I fatti risalgono all’estate 2014, quando la ragazzina, nel periodo delle vacanze scolastiche, era ospite a casa dei nonni. Una mattina, l’uomo, approfittando del fatto che la moglie era uscita per fare delle commissioni, secondo quanto emerso, avrebbe avvicinato la nipote commettendo degli atti sessuali nei suoi confronti. Dopo alcuni giorni, la giovane ha confidato ad una amica il forte disagio per quanto accadutole: l’amica ha informato la madre che, a sua volta, è riuscita a parlare con la vittima rendendosi così conto della gravità della situazione. Dopo aver ricevuto la segnalazione da parte della madre dell’amica, il personale della II Sezione della Squadra Mobile (Reati contro la persona, in danno di minori e reati sessuali: Ispettori Capo Massimo Blengino e Mariella Faraco, Sovrintendente Capo Giuseppe
Licusati), ha avviato immediate e approfondite attività investigative che hanno permesso di raccogliere consistenti indizi di reità nei confronti dell’anziano.

 

In particolare, dal telefono cellulare della ragazza venivano recuperati alcuni messaggi compromettenti, inviati dal nonno nei giorni successivi agli abusi, in cui l’anziano pretendeva di incontrare nuovamente la nipote da sola; nella casa del nonno i poliziotti hanno sequestrato anche due personal computer. Inoltre, dalle testimonianze rese da alcuni docenti della vittima è emerso che il rendimento scolastico della ragazza era calato e che la stessa, durante le lezioni, aveva manifestato disagio e difficoltà. L’uomo era stato così deferito alla competente Autorità Giudiziaria per il reato di violenza sessuale aggravata (artt. 609 bis e ter del codice penale).

 

Il Questore di Cuneo, dr.

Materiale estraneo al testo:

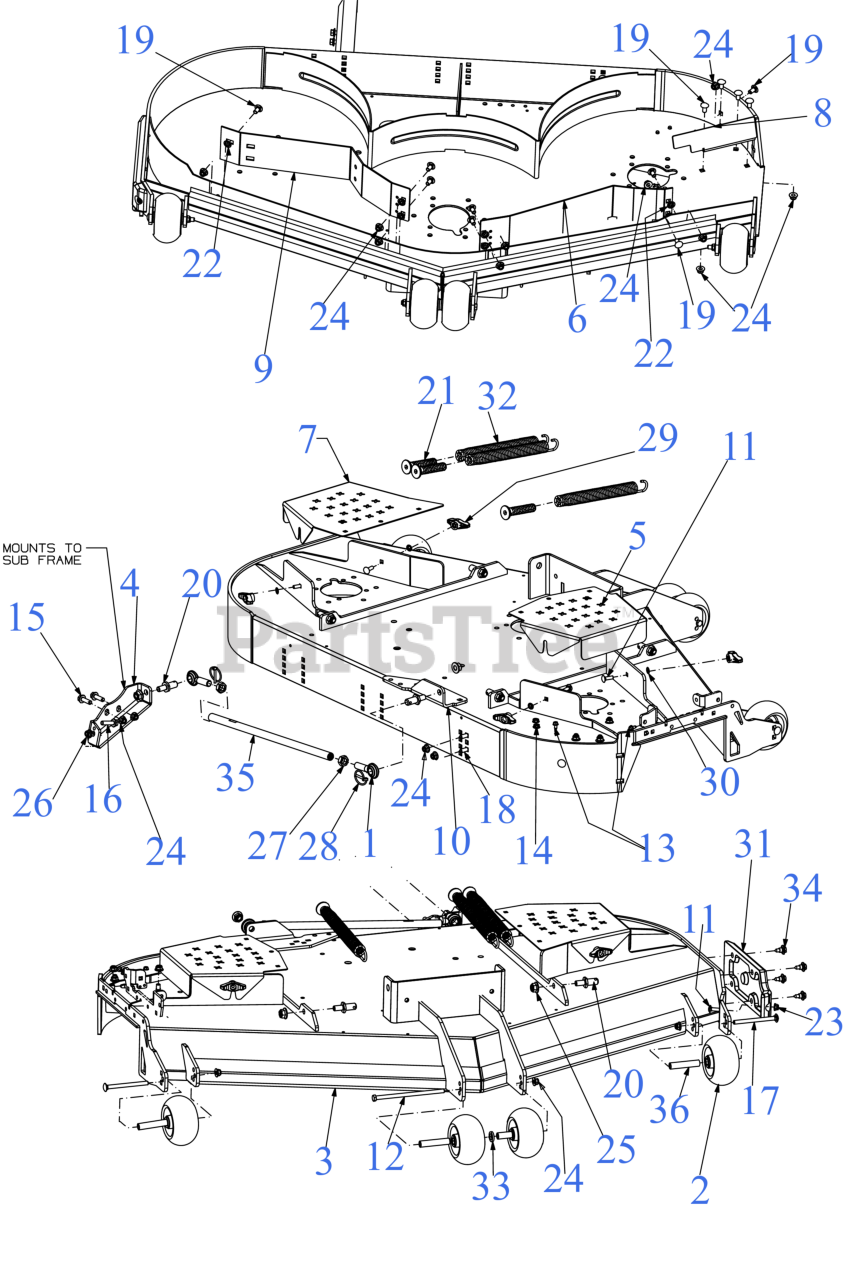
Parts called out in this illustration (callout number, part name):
1	MALE ROD END
2	5" DIA DECK WHEEL COMPLETE
3	60" FAB DECK SHELL
4	STABILIZER MOUNTING BRACKET
5	DECK BELT COVER
6	DECK BAFFLE
7	BELT COVER
9	DECK BAFFLE
10	DECK BELT GUIDE BRACKET
11	CARRIAGE BOLT 5/16-18 x 1.00
12	SCREW 3/8-16 x 7.25 GR5
13	SCREW 1/4-20 X.500
14	SCREW 5/16-18 x .500
15	SCREW 3/8-16 x 1.25 GR5
16	HEX HEAD BOLT (3/8-16:1.50 GR8)
17	CARRIAGE BOLT 3/8-16 x 4.25 GR5
18	CARRIAGE BOLT 3/8-16 x 1.00 GR5
19	CARRIAGE BOLT 3/8-16 x .75
21	SPRING INSERT SCREW
23	FLANGE LOCK NUT 5/16-18
26	LOCK NUT (3/8-16)
27	HEX JAM NUT 5/8-18
28	LYNCH PIN .1875
29	WING KNOB 5/16-18
31	DECK SKID PLATE (LH)
32	EXTENTION SPRING 1.20 x 11.35
33	FLAT WASHER .632X1.00X.16
34	SHOULDER SCREW .43X.29X5/16-18 TT
35	TUBE .565 X .750 X 18.75"LG
36	WHEEL SPACER .38ID x 3.04LG
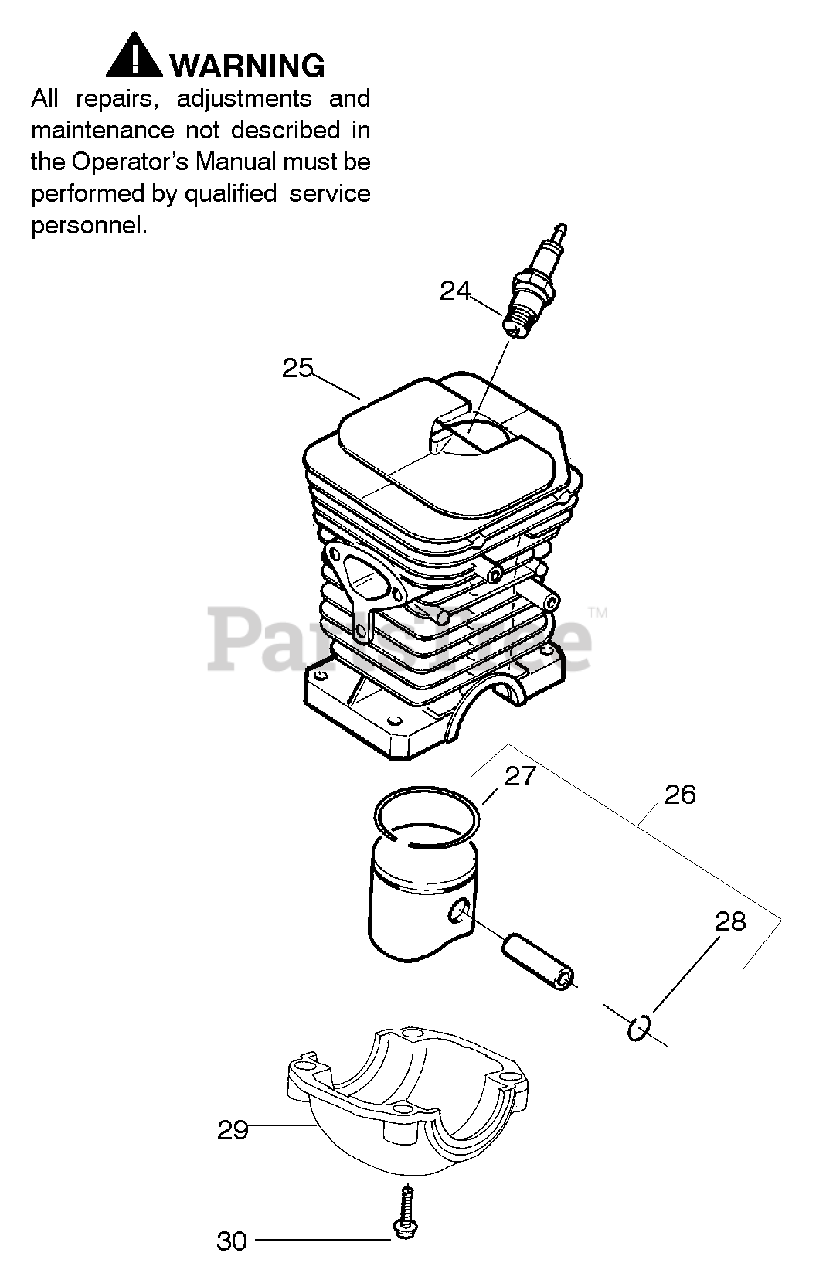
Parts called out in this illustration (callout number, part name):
24	Spark Plug (RCJ-7Y)
25	Kit-Cylinder (36cc)
26	Kit-Piston (36cc)
27	Ring-Piston (36cc)
28	Piston Pin Retainer
29	Cap-Crankcase

Giovanni Pepè: “Va sicuramente evidenziata la particolare delicatezza dell’indagine che, purtroppo, ha coinvolto una ragazza, colpita da un grave reato commesso da uno stretto congiunto. Un episodio senza dubbio molto grave ma che ha visto una risposta ferma e decisa sia da parte dei genitori, sia da parte delle Istituzioni. Un apprezzamento alla professionalità e alla sensibilità dimostrata dai poliziotti della Squadra Mobile che con tenacia e determinazione hanno condotto le attività d’indagine necessarie.

 

Il Dirigente della Squadra Mobile di Cuneo, dr. Marco Mastrangelo, sottolinea il rilevante contributo offerto dalla madre dell’amica che, per prima, ha raccolto le
confidenze della giovane vittima e ha subito segnalato l’accaduto alla Polizia di Stato. Un comportamento senza dubbio encomiabile che dimostra quanto sia importante la collaborazione tra i cittadini e le Forze di Polizia.

 

c.s.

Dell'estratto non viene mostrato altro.